Default feh command line:

feh -GNFY --info "echo '%f %wx%h (diff: {diff}, {diff_n} / {diff_count})'" --action8 "rm %f" --action1 "kill -INT {pid}" {path1} {path2}

makes it show fullscreen image, some basic info (along with difference between
image hashes and how much images there are with the same level of difference)
about it and action reference, pressing "8" there will remove currently
displayed version, "1" will stop the comparison and quitting feh ("q") will go
to the next pair.

Without --feh (non-interactive / non-gui mode), script outputs pairs of images
and the integer [Hamming distance](https://en.wikipedia.org/wiki/Hamming_distance)
value for their perceptual hash values (basically the degree of difference
between the two).

Output is sorted by this "distance", so most similar images (with the lowest
number) should come first (see --top-n parameter).
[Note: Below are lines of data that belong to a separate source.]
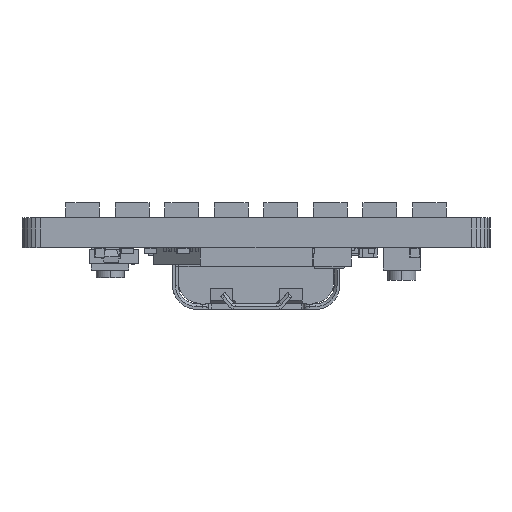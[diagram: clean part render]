
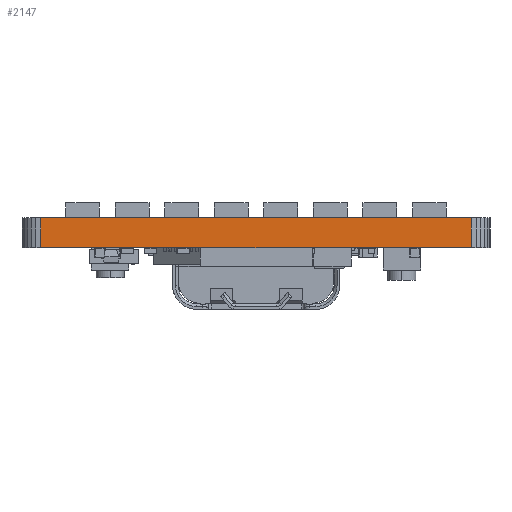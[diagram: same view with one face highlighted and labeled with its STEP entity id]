
A CAD part, front view. The second image highlights one B-rep face of the part: STEP entity #2147.
In plain terms, the highlighted planar face has unit normal (0, -1, 0).
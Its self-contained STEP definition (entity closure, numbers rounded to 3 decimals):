
#49=DIRECTION('',(1.,0.,0.));
#50=VECTOR('',#49,23.);
#51=CARTESIAN_POINT('',(-24.2,-2.349,1.6));
#52=LINE('',#51,#50);
#56=DIRECTION('',(0.,0.,-1.));
#57=VECTOR('',#56,1.6);
#58=CARTESIAN_POINT('',(-1.2,-2.34,1.6));
#59=LINE('',#58,#57);
#252=DIRECTION('',(1.,0.,0.));
#253=VECTOR('',#252,23.);
#254=CARTESIAN_POINT('',(-24.2,-2.349,0.));
#255=LINE('',#254,#253);
#968=DIRECTION('',(0.,0.,-1.));
#969=VECTOR('',#968,1.6);
#970=CARTESIAN_POINT('',(-24.2,-2.349,1.6));
#971=LINE('',#970,#969);
#1635=CARTESIAN_POINT('',(-1.2,-2.34,0.));
#1637=VERTEX_POINT('',#1635);
#1689=CARTESIAN_POINT('',(-24.2,-2.349,0.));
#1690=VERTEX_POINT('',#1689);
#1779=CARTESIAN_POINT('',(-1.2,-2.34,1.6));
#1781=VERTEX_POINT('',#1779);
#1833=CARTESIAN_POINT('',(-24.2,-2.349,1.6));
#1834=VERTEX_POINT('',#1833);
#2134=CARTESIAN_POINT('',(-24.2,-2.349,0.));
#2135=DIRECTION('',(0.,1.,0.));
#2136=DIRECTION('',(1.,0.,0.));
#2137=AXIS2_PLACEMENT_3D('',#2134,#2135,#2136);
#2138=PLANE('',#2137);
#2139=ORIENTED_EDGE('',*,*,#1945,.T.);
#2140=ORIENTED_EDGE('',*,*,#1934,.T.);
#2142=ORIENTED_EDGE('',*,*,#2141,.F.);
#2144=ORIENTED_EDGE('',*,*,#2143,.F.);
#2145=EDGE_LOOP('',(#2139,#2140,#2142,#2144));
#2146=FACE_OUTER_BOUND('',#2145,.F.);
#2147=ADVANCED_FACE('',(#2146),#2138,.F.);
#1934=EDGE_CURVE('',#1781,#1637,#59,.T.);
#1945=EDGE_CURVE('',#1834,#1781,#52,.T.);
#2141=EDGE_CURVE('',#1690,#1637,#255,.T.);
#2143=EDGE_CURVE('',#1834,#1690,#971,.T.);
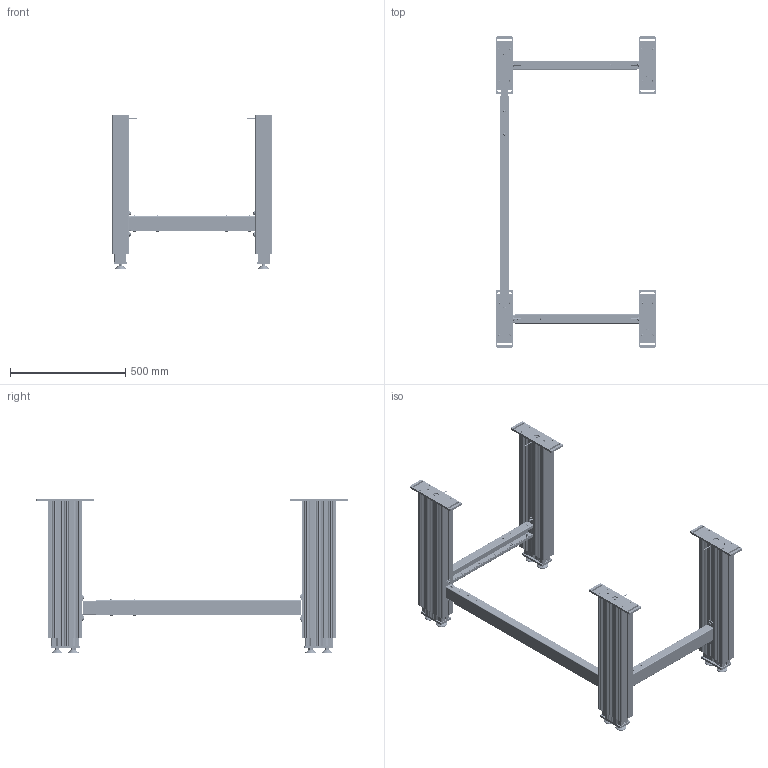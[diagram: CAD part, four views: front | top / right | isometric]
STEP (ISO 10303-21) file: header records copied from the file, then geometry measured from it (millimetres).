
FILE_DESCRIPTION(/* description */ ('Unknown','CAx-IF Rec.Pracs.---Representation and Presentation of Product Manufacturing Information (PMI)---4.0---2014-10-13','CAx-IF Rec.Pracs.---3D Tessellated Geometry---0.4---2014-09-14','2;1'),/* implementation_level */ '2;1');
FILE_NAME(/* name */ 'Untergestell TM 4440 1050-1700 XX XX_00-Eingefahren',/* time_stamp */ '2022-08-30T16:40:40+02:00',/* author */ ('Unknown'),/* organization */ ('Unknown'),/* preprocessor_version */ 'ST-DEVELOPER v18.102',/* originating_system */ 'Solid Edge',/* authorisation */ 'Unknown');
FILE_SCHEMA (('AP242_MANAGED_MODEL_BASED_3D_ENGINEERING_MIM_LF { 1 0 10303 442 1 1 4 }'));
Products named in the file (47): 108.00324; 306.00814_oa_0; 126.00147; 119.00312; 119.00311; 142.00166; 142.00343; 113.00002; 124.00123; 142.00081; 142.00031; 109.00025_oa_1; 125.00063; 115.00008_oa_2; 125.00021; 125.00022; 127.00329; 113.00006; 113.00006-ohne Mutter; Mutter M10; 306.00814_oa_3; 109.00025_oa_4; 115.00008_oa_5; 306.00814_oa_6; 109.00025_oa_7; 115.00008_oa_8; 306.00814_oa_9; 109.00025_oa_10; 115.00008_oa_11; 127.00631; 096599~1; 096600~1; Sechskantmutter M6 DIN 934; Scheibe Ø6,4 DIN 125; Halbrundkopfschraube mit Innensechskant M8x12 ISO 7380-1; Scheibe Ø8,4 DIN 125; Nutenstein M8_montiert; Halbrundkopfschraube mit Innensechskant und Bund M6x16 ISO 7380-2; 127.00632; 096611~1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
Assembly tree (145 placements, depth 4):
  108.00324
    306.00814_oa_0
      126.00147
      119.00312
      119.00311
      142.00166  x4
      142.00343  x2
      113.00002
      124.00123
      142.00081
      142.00031
      109.00025_oa_1
        125.00063
        115.00008_oa_2
        125.00021
        125.00022
    127.00329  x4
    113.00006  x8
      113.00006-ohne Mutter
      Mutter M10
    306.00814_oa_3
      126.00147
      119.00312
      119.00311
      142.00166  x4
      142.00343  x2
      113.00002
      124.00123
      142.00081
      142.00031
      109.00025_oa_4
        125.00063
        115.00008_oa_5
        125.00021
        125.00022
    306.00814_oa_6
      126.00147
      119.00312
      119.00311
      142.00166  x4
      142.00343  x2
      113.00002
      124.00123
      142.00081
      142.00031
      109.00025_oa_7
        125.00063
        115.00008_oa_8
        125.00021
        125.00022
    306.00814_oa_9
      126.00147
      119.00312
      119.00311
      142.00166  x4
      142.00343  x2
      113.00002
      124.00123
      142.00081
      142.00031
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Bounding box: 690 x 1350 x 670 mm (x, y, z)
Volume: 12324753.2 mm3; surface area: 6431807 mm2
Topology: 162 solids, 162 shells, 12448 faces, 35122 edges, 23206 vertices
Faces by surface type: plane 6712, cylinder 4984, cone 304, torus 288, bspline 148, sphere 12
Full cylindrical faces by diameter (mm): 1.8 x8, 2.2 x4, 3 x4, 3.242 x8, 3.4 x4, 3.5 x4, 4 x12, 4.1 x8, 4.2 x4, 4.9 x8, 5 x20, 5.5 x16, 6 x28, 6.4 x12, 6.5 x4, 6.6 x20, 6.647 x12, 6.917 x8, 8 x32, 8.376 x20, 8.5 x64, 8.7 x16, 9.5 x8, 10 x12, 12 x12, 12.5 x24, 13 x8, 13.5 x4, 13.6 x12, 14 x12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
Entity records: 113791 total; most frequent: CARTESIAN_POINT 19892, ORIENTED_EDGE 17008, DIRECTION 16964, EDGE_CURVE 8504, AXIS2_PLACEMENT_3D 5731, VERTEX_POINT 5730, LINE 5502, VECTOR 5502
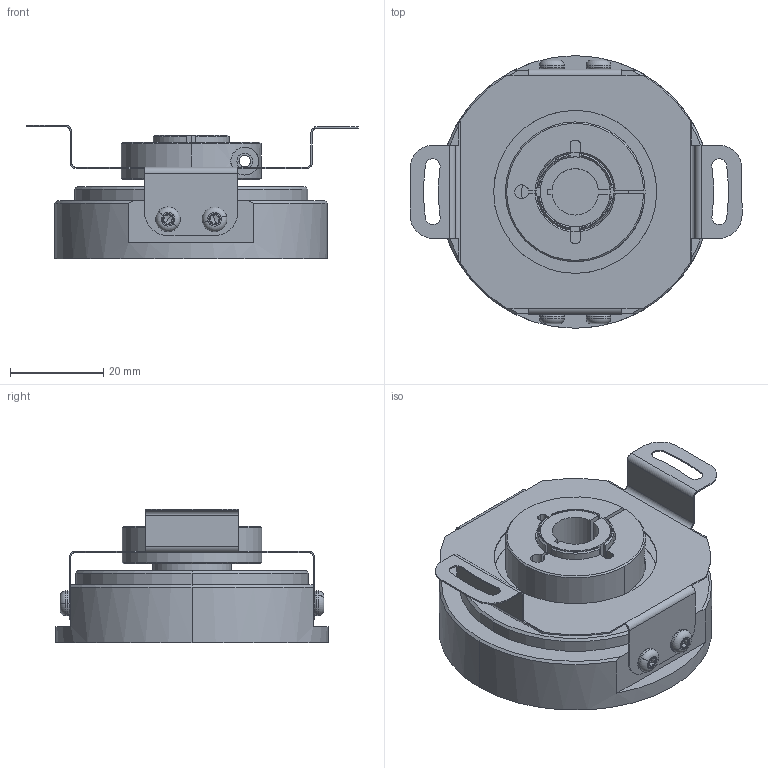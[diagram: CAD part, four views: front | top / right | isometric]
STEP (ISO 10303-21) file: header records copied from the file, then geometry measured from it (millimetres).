
FILE_DESCRIPTION (( 'STEP AP203' ), '1' );
FILE_NAME ('MCD-H10S-Q5B-N.STEP', '2013-04-12T13:40:15', ( '' ), ( '' ), 'SwSTEP 2.0', 'SolidWorks 2006104', '' );
FILE_SCHEMA (( 'CONFIG_CONTROL_DESIGN' ));
Length unit declared in the file: millimetre
Products named in the file (1): MCD-H10S-Q5B-N
Bounding box: 71.24 x 58.5 x 28.73 mm (x, y, z)
Volume: 34556.9 mm3; surface area: 22326.4 mm2
Topology: 8 solids, 8 shells, 464 faces, 1187 edges, 755 vertices
Faces by surface type: cylinder 161, plane 144, cone 115, torus 40, bspline 4
Entity records: 15456 total; most frequent: CARTESIAN_POINT 3920, DIRECTION 2534, ORIENTED_EDGE 2358, EDGE_CURVE 1179, AXIS2_PLACEMENT_3D 1058, VERTEX_POINT 755, CIRCLE 597, EDGE_LOOP 516

Optional --reported-db (or "-d") parameter allows efficient skipping of
already-reported "similar" image pairs by recording these in a dbm file.
Intended usage for this option is to skip repeating same hash-similar pairs on
repeated runs, reporting similarity for new images instead.

Operation
--------------------

Script does these steps, in order:

* Try to load pre-calculated image hash values from --hash-db file.

* Calculate missing perceptual hash values (ph_dct_imagehash) for each image
found, possibly in multiple subprocesses.

* Dump (pickle) produced hash values (back) to a --hash-db file.

* Calculate the difference between hashes of each image pair for all two-image
combinations, sorting the results.

* Print (or run "feh" on) each found image-pair, in most-similar-first order,
optionally skipping pairs matching those in --reported-db file.

It's fairly simple, with all the magic and awesomeness in calculation of that
"perceptual hash" values, which is contained in [libpHash](http://phash.org).

Known Issues
--------------------

pHash seem to be prone to hanging indefinitely on some non-image files without
consuming much resources. Use `./image_matcher.py --debug -p 1` to see on which
exact file it hangs on in such cases.
Might add some check for file magic to see if it's image before running pHash
over it in the future.

pHash also gives zero as a hash value for some images. No idea why it does that
atm, but these "0" values obviously can't be meaningfully compared to anything,
so tool skips them, issuing a log message (seen only with --debug).